[Saved data entries]
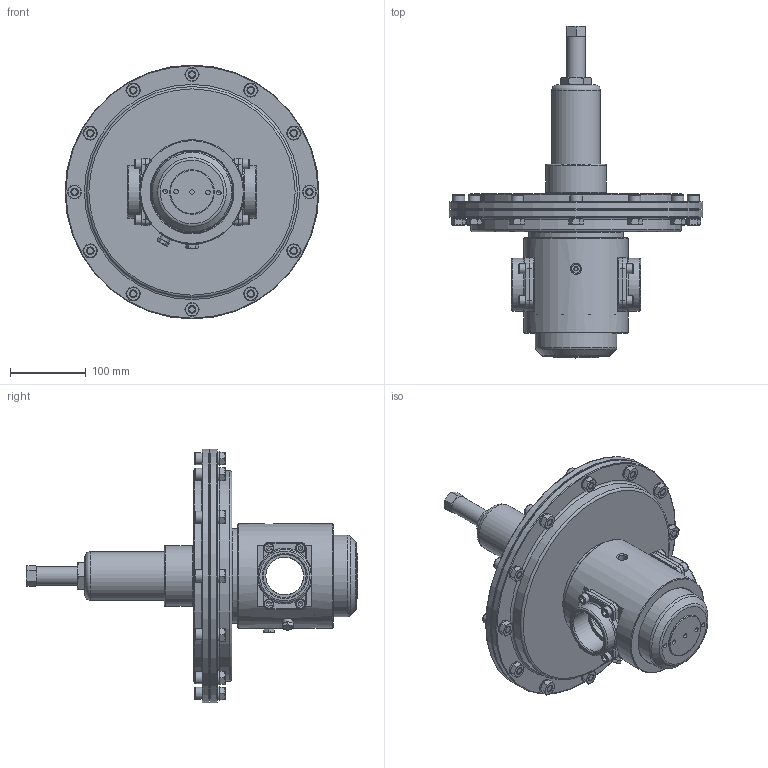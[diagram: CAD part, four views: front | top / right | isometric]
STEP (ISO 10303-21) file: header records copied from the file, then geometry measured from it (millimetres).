
FILE_DESCRIPTION(/* description */ (''),/* implementation_level */ '2;1');
FILE_NAME(/* name */ 'U:/AirCom-Produktdokumentation/Druckregler/R3100/Zeichnungen/CAD-Aircom/3D/B-R3100-16.step',/* time_stamp */ '2022-07-14T15:01:26+02:00',/* author */ (''),/* organization */ (''),/* preprocessor_version */ 'ST-DEVELOPER v19',/* originating_system */ 'Autodesk Translation Framework v11.7.0.108',/* authorisation */ '');
FILE_SCHEMA (('AUTOMOTIVE_DESIGN { 1 0 10303 214 3 1 1 }'));
Length unit declared in the file: millimetre
Products named in the file (25): C81028; P34140; 0DQ10700; 0DM10600; 0DB10612; 0DB10612_1; 0DB10612_2; 0DB10612_3; 0DB10612_4; 0DB10612_5; P64027; P34014; OR 13157; OR 13157_1; 0DC10514; 0DC10614; P20466; P23033; P64001_1; P34169; P31004_1; P26093; P43075_1; 0DN111_1; P37163
Assembly tree (66 placements, depth 2):
  C81028
    P34140
    0DQ10700  x12
    0DM10600  x12
    0DB10612
    0DB10612_1
    0DB10612_2
    0DB10612_3
    0DB10612_4
    0DB10612_5
    P64027
    P34014  x2
    OR 13157
    OR 13157_1
    0DC10514  x8
    0DC10614  x12
    P20466
    P23033
    P64001_1
    P34169
    P31004_1
    P26093
    P43075_1
    0DN111_1
    P37163  x2
Bounding box: 336 x 439.5 x 336 mm (x, y, z)
Volume: 2057461.7 mm3; surface area: 826397.4 mm2
Topology: 66 solids, 66 shells, 1138 faces, 2649 edges, 1675 vertices
Faces by surface type: plane 428, cone 347, cylinder 243, torus 109, bspline 11
Full cylindrical faces by diameter (mm): 5.5 x3, 6 x5, 6.647 x8, 8 x8, 8.376 x12, 8.5 x8, 10 x12, 10.5 x48, 11 x2, 11.445 x4, 13 x8, 13.157 x2, 16 x12, 18 x12, 21.835 x1, 22 x1, 24 x1, 50 x2, 54.376 x1, 56 x1, 56.656 x2, 57 x1, 59 x1, 60 x2, 61.5 x2, 62 x1, 62.376 x1, 62.5 x1, 64 x2, 64.5 x3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
Entity records: 17961 total; most frequent: CARTESIAN_POINT 5266, DIRECTION 2697, ORIENTED_EDGE 2322, AXIS2_PLACEMENT_3D 1177, EDGE_CURVE 1161, VERTEX_POINT 755, EDGE_LOOP 634, CIRCLE 609
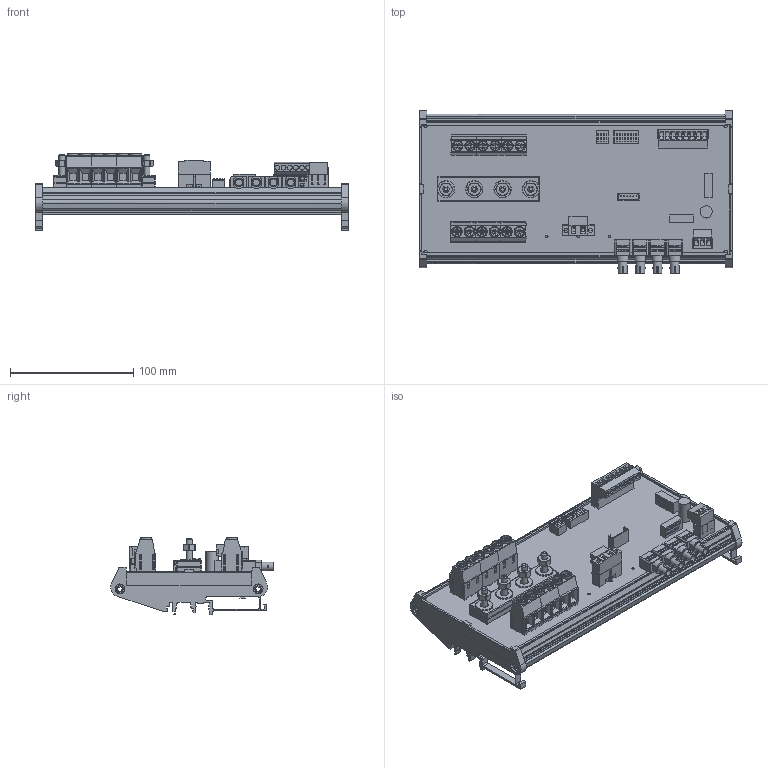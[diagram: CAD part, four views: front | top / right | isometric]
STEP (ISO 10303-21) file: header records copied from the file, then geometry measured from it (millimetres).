
FILE_DESCRIPTION(('FreeCAD Model'),'2;1');
FILE_NAME('C:/3D Files/Stringhe/ST0N/ST0N1225 DR/ST0N1225 DR.step', '2021-01-27T18:01:29',('Author'),(''), 'Open CASCADE STEP processor 7.2','FreeCAD','Unknown');
FILE_SCHEMA(('AUTOMOTIVE_DESIGN { 1 0 10303 214 1 1 1 1 }'));
Length unit declared in the file: millimetre
Products named in the file (40): ST0N1225_DR; Mstb_3P_F; Mstb_3Pc_M; AmpModu_6P_M; DipSwitch8; DipSwitch4; Stampato; Dado6MA003; Dado6MA004; Dado6MA005; Dado6MA006; Rondella6; Rondella007; Rondella008; Rondella009; CH_01-02; CH_03-04; CH_05-06; CH_07-08; CH_09-10; CH_11-12; CN3_M; Profilo_254x128; CN3_F; IB2405LS-1W; ELNA_470_uF_35_V; VTBSE-6x35; VTBSE-6x031; VTBSE-6x032; VTBSE-6x033; Barra_8.2a_cm; Barra_8.2a_cm001; Barra_8.2a_cm002; Mstb_8P_F; Mstb_8Pc_M; IB2405LS-1W001; HFBR-x41xTZ001; HFBR-x41xTZ002; HFBR-x41xTZ003; HFBR-x41xTZ004
Assembly tree (39 placements, depth 2):
  ST0N1225_DR
    Mstb_3P_F
    Mstb_3Pc_M
    AmpModu_6P_M
    DipSwitch8
    DipSwitch4
    Stampato
    Dado6MA003
    Dado6MA004
    Dado6MA005
    Dado6MA006
    Rondella6
    Rondella007
    Rondella008
    Rondella009
    CH_01-02
    CH_03-04
    CH_05-06
    CH_07-08
    CH_09-10
    CH_11-12
    CN3_M
    Profilo_254x128
    CN3_F
    IB2405LS-1W
    ELNA_470_uF_35_V
    VTBSE-6x35
    VTBSE-6x031
    VTBSE-6x032
    VTBSE-6x033
    Barra_8.2a_cm
    Barra_8.2a_cm001
    Barra_8.2a_cm002
    Mstb_8P_F
    Mstb_8Pc_M
    IB2405LS-1W001
    HFBR-x41xTZ001
    HFBR-x41xTZ002
    HFBR-x41xTZ003
    HFBR-x41xTZ004
Bounding box: 254 x 132.37 x 63.19 mm (x, y, z)
Volume: 247279.5 mm3; surface area: 259575.5 mm2
Topology: 111 solids, 227 shells, 3966 faces, 14827 edges, 20741 vertices
Faces by surface type: plane 2858, cylinder 720, bspline 217, cone 83, torus 54, sphere 32, extrusion 2
Full cylindrical faces by diameter (mm): 0.5 x40, 0.75 x36, 1 x10, 1.5 x11, 1.6 x2, 1.8 x2, 2.05 x2, 2.5 x2, 3.3 x2, 3.5 x2, 3.8 x2, 4 x15, 4.3 x2, 4.917 x4, 5 x8, 5.6 x4, 6.6 x4, 7 x12, 7.1 x4, 7.2 x12, 7.5 x12, 7.9 x4, 8.66 x12, 9.202 x2, 10 x5, 14 x4
Entity records: 342127 total; most frequent: CARTESIAN_POINT 83689, DIRECTION 41011, VECTOR 27104, LINE 27102, ORIENTED_EDGE 21416, PCURVE 21416, DEFINITIONAL_REPRESENTATION 21416, EDGE_CURVE 11545

## What you need to do
From the data above, show each line that contains "Bounding".

## Written solution
Bounding box: 336 x 439.5 x 336 mm (x, y, z)
Bounding box: 254 x 132.37 x 63.19 mm (x, y, z)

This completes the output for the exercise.